I need the exact bytes in a string. Not a representation.
As already mentioned by others, the direct assignments work without any conversions:
SomeString = SomeByteArray 'assign the exact ByteContent to a VB-StringVariable (without conversion)
SomeOtherByteArray = SomeString 'assign the StringContent to a ByteArray (without conversion)
There will be no "locale" involved in the two operations above.
Olaf
-
Re: Ansi/Unicoding Encoding Issue
Some1uk03 what do you need to do with data?
-
Re: Ansi/Unicoding Encoding Issue
Quote:
Originally Posted by
some1uk03
I need the exact bytes in a string. Not a representation.
That's how VB behaves with English Locale systems.
Assigning a string to a byte-array is "exact bytes" but each symbol occupies 2 bytes which might not be what you need.
If you have been dealing with a one byte per symbol byte-arrays then this must have had some kind of transcoding going on using English locale.
Transcoding happens with StrConv with vbUnicode/vbFromUnicode option to determine direction and optional 3-rd parameter for locale (mapping 2-byte Unicode wide chars to 1-byte or multi-byte ANSI representation and vice versa) which is using current default user locale by default.
cheers,
</wqw>
-
Re: Ansi/Unicoding Encoding Issue
Quote:
Originally Posted by
dilettante
Have you tried this?
Code:
Dim bBytes(4) As Byte
Dim sString As String
bBytes(0) = 192
bBytes(1) = 84
bBytes(2) = 69
bBytes(3) = 83
bBytes(4) = 84
sString = bBytes
Dim xLoop As Integer
For xLoop = 1 To LenB(sString)
Debug.Print AscB(MidB$(sString, xLoop, 1))
Next
Ok, so quite a learning curve there. Using the ascB/MidB functions does return the same bytes.
Quote:
Originally Posted by
wqweto
If you have been dealing with a one byte per symbol byte-arrays then this must have had some kind of transcoding going on using English locale.
</wqw>
One byte per symbol is how the English locale is behaving by default.
So how do i proceed from now onwards. Always work with byteArrays? (which is a no go zone as the app is huge to change it all now)
Is there a way to convert DBCS to non-DBCS.
I understand the problem and how it's handling the strings, but still can't understand a solution/fix.
-
Re: Ansi/Unicoding Encoding Issue
Quote:
Originally Posted by
Arnoutdv
Some1uk03 what do you need to do with data?

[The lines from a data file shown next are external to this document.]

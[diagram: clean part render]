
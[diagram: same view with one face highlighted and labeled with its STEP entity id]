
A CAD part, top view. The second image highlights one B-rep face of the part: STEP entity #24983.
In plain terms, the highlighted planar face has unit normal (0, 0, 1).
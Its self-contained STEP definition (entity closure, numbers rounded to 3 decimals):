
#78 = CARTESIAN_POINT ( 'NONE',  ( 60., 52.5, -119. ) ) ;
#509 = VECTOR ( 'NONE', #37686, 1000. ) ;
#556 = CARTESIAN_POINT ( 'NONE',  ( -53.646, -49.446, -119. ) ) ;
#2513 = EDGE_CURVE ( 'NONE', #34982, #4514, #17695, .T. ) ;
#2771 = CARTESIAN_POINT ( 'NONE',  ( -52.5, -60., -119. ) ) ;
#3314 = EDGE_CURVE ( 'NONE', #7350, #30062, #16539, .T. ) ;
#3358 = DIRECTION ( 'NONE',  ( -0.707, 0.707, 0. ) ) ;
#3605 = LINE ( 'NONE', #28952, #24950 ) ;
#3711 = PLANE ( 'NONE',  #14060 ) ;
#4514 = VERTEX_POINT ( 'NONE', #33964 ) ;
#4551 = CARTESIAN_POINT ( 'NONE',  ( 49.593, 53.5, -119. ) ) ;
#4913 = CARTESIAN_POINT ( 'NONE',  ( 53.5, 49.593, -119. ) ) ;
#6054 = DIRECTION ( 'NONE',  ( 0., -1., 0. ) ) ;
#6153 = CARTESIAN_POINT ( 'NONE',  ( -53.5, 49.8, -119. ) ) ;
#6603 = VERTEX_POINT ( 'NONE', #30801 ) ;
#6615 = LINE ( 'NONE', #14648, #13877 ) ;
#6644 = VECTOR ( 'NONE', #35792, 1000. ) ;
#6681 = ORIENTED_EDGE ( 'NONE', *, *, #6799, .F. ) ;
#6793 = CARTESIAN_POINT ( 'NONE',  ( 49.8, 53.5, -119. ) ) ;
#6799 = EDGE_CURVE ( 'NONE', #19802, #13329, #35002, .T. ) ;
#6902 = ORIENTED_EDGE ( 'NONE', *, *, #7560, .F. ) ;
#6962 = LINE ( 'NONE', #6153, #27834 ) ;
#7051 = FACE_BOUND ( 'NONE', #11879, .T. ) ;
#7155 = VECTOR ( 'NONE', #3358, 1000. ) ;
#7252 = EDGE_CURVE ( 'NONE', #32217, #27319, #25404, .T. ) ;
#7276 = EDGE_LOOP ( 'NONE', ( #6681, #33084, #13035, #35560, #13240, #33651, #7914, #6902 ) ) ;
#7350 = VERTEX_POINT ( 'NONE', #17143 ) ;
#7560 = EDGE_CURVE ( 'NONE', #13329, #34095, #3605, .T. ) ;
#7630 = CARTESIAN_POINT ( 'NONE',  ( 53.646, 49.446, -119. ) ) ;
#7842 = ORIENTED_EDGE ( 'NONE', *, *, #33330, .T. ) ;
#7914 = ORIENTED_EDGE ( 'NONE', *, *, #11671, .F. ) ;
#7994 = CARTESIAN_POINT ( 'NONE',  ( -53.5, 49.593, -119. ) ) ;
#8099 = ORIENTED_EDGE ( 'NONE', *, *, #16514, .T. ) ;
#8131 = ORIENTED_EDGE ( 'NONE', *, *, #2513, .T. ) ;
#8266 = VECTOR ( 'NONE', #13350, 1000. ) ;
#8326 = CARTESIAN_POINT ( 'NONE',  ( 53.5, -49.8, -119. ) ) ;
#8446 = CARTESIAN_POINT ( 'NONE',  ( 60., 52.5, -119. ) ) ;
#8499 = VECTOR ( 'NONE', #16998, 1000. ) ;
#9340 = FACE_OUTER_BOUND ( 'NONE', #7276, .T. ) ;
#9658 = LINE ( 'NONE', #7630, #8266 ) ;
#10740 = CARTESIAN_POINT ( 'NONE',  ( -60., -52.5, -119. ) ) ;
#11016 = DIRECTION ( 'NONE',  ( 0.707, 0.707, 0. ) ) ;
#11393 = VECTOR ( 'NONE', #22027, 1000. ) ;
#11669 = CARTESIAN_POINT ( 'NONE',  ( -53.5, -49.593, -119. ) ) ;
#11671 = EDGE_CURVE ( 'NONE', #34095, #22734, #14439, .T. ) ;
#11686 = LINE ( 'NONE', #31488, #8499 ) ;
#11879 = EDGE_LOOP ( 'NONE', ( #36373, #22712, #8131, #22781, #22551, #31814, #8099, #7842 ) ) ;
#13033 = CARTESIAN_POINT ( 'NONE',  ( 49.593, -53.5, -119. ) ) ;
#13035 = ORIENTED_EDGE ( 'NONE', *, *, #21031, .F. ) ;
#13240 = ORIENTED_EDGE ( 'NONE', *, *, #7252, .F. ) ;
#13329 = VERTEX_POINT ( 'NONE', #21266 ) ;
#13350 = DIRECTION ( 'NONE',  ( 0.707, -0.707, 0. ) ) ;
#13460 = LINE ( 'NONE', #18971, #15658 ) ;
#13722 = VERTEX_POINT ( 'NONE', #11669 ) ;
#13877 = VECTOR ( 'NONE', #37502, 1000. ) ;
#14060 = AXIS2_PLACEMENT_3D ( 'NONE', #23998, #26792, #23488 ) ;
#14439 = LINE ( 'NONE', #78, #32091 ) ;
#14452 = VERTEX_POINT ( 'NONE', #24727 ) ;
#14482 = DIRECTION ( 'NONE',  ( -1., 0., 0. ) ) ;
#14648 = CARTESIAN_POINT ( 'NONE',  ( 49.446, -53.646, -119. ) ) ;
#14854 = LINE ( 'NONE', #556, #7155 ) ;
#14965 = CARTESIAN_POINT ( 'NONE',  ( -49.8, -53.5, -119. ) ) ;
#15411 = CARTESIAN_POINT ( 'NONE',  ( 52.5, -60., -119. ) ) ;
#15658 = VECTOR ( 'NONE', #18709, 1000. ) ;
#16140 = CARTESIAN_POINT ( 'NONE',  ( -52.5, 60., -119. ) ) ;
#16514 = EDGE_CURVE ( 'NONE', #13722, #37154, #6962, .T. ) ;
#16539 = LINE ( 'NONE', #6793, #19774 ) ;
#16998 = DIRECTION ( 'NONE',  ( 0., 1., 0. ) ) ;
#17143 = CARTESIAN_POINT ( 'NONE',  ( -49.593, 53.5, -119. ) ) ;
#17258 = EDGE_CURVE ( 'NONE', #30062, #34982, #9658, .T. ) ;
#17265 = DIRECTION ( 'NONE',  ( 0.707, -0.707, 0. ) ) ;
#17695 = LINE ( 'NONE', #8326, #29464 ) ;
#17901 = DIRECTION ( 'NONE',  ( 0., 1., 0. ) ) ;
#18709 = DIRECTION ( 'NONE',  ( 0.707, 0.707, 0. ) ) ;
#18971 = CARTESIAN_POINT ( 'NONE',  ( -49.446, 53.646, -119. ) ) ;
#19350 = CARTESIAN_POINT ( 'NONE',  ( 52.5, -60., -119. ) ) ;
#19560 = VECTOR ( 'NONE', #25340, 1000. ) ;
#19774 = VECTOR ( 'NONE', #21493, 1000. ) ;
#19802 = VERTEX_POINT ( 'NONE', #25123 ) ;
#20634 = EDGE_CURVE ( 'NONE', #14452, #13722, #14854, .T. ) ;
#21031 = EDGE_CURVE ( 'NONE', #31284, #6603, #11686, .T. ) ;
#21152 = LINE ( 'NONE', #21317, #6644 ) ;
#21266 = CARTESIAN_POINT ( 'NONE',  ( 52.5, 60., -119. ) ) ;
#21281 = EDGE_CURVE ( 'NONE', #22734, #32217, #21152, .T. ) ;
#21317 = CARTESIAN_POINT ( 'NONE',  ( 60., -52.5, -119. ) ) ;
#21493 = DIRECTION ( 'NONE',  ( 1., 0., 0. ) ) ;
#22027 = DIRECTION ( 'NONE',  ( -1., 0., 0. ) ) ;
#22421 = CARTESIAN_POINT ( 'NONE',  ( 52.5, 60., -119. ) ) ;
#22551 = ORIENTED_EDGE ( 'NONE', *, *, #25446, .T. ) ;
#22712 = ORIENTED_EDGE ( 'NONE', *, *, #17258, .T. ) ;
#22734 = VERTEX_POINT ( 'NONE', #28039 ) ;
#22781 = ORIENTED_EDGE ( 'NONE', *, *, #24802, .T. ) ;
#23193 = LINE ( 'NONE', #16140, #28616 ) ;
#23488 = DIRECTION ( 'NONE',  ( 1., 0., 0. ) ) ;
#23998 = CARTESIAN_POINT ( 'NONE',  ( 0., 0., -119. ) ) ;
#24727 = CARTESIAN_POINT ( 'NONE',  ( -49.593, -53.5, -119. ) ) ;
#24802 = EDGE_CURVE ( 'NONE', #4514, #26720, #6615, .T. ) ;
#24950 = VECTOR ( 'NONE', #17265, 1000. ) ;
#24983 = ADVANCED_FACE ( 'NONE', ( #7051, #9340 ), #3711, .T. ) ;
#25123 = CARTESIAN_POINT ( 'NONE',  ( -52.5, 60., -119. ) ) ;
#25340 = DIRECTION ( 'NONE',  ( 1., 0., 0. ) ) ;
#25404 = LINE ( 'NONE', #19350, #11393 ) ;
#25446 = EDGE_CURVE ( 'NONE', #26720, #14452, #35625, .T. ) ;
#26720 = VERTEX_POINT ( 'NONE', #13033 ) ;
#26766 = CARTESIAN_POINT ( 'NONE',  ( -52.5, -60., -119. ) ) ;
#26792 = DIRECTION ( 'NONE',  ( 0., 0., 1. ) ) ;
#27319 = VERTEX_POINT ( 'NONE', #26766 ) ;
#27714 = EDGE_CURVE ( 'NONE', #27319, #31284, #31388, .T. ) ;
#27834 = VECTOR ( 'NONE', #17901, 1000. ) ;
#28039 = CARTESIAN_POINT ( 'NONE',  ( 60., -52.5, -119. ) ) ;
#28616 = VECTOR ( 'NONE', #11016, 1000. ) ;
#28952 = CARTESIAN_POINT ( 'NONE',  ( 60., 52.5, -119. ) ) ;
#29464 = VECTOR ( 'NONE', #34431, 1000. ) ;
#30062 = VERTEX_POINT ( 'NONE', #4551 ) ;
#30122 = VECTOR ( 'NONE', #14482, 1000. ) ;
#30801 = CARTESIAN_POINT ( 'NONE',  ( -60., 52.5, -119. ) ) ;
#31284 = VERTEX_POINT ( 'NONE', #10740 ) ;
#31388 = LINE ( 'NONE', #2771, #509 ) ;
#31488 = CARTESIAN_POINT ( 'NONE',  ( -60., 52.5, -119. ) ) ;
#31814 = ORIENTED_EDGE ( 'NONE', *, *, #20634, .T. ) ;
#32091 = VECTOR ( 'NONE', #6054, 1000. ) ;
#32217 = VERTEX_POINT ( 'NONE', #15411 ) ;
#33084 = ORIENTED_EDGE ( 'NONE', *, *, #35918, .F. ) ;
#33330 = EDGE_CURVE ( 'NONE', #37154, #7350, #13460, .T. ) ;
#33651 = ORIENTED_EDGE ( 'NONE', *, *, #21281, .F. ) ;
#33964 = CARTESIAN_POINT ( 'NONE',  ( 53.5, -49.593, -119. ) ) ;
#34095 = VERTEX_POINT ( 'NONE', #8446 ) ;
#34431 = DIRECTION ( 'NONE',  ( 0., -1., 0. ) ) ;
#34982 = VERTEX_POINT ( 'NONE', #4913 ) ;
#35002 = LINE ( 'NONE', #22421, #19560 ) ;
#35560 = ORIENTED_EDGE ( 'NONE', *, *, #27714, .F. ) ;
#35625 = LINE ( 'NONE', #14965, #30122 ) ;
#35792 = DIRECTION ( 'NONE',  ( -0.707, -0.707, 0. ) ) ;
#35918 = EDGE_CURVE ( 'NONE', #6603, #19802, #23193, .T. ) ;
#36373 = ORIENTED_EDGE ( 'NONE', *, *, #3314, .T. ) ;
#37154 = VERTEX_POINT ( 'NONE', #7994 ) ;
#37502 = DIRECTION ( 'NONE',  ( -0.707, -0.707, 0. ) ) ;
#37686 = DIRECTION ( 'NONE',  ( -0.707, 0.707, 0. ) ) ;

If you can answer this then maybe some of us is able to help you further
-
Re: Ansi/Unicoding Encoding Issue
Quote:
Originally Posted by
some1uk03
Is there a way to convert DBCS to non-DBCS.
That's what I was doing back in post #14. You can also do this calling MultiByteToWideChar() directly, passing the correct code page value.
I suspect there is no answer though without a ton of rewriting. "A character is a byte" is a deep fallacy, a hole that can be hard to dig out of.
-
Re: Ansi/Unicoding Encoding Issue
Quote:
Originally Posted by
Arnoutdv
If you can answer this then maybe some of us is able to help you further
I'm reading a proprietary file as a byteArray, then passing it to a STRING and from there on, parsing / reading various chunks and populating them to a class OBJ with the settings & parameters which are read from this string. (it's much deeper that this, so I can't just easily convert everything to bytearrays)
Quote:
Originally Posted by
dilettante
That's what I was doing back in post #14. You can also do this calling MultiByteToWideChar() directly, passing the correct code page value.
I suspect there is no answer though without a ton of rewriting. "A character is a byte" is a deep fallacy, a hole that can be hard to dig out of.
MultiByteToWideChar() is what I'm currently using anyway, rather than strConv, but that's no good either!
I'm quite surprised that there is no moving forward solution to this other than forcing users to change their system locale to English! or a total rewrite (which is not preferred).
-
Re: Ansi/Unicoding Encoding Issue
Uh no, if it’s all about byte arrays then using strings in all your objects is the wrong approach
-
Re: Ansi/Unicoding Encoding Issue
OK, I edited some mistakes that I made.